### Information

---------------

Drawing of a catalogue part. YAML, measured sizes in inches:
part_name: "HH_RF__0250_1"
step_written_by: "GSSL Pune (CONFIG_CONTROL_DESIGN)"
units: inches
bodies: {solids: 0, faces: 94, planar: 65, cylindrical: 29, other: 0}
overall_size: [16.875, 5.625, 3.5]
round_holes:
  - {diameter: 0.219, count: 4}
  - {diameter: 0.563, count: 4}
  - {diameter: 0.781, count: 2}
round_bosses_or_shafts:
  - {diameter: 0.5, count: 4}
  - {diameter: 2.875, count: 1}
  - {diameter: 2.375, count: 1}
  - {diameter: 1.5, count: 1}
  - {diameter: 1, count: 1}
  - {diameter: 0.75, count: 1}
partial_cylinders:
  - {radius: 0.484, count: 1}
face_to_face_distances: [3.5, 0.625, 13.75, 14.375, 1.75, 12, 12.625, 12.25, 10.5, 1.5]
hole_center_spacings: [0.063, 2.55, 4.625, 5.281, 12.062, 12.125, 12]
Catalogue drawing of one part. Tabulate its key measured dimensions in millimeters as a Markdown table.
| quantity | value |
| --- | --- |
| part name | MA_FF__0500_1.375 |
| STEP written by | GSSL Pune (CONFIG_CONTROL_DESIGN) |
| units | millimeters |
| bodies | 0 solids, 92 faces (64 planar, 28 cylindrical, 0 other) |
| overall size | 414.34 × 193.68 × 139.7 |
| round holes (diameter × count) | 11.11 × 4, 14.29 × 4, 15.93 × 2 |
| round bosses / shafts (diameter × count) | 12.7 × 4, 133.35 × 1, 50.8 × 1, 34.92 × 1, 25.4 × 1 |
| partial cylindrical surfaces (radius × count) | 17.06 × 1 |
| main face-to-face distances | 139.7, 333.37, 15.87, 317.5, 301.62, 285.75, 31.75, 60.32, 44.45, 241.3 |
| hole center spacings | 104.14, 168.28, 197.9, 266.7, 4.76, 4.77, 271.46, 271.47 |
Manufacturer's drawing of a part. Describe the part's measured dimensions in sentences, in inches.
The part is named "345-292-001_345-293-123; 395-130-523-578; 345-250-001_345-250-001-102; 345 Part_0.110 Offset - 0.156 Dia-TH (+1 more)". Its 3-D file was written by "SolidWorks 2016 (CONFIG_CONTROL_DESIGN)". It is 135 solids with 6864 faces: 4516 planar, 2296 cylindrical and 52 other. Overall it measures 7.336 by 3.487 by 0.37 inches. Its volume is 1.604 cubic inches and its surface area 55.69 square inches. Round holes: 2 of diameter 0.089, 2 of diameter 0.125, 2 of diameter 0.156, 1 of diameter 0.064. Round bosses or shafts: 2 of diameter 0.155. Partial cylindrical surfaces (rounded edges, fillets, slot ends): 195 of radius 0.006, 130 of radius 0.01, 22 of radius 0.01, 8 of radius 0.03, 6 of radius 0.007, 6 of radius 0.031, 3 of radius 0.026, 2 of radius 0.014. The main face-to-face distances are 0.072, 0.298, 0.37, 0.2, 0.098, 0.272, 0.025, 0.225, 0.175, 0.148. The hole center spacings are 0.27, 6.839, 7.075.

---------------

### Your goal
Each line in the listing above that includes the word "bodies" needs to be copied out.

### Response for this exercise
bodies: {solids: 0, faces: 94, planar: 65, cylindrical: 29, other: 0}
| bodies | 0 solids, 92 faces (64 planar, 28 cylindrical, 0 other) |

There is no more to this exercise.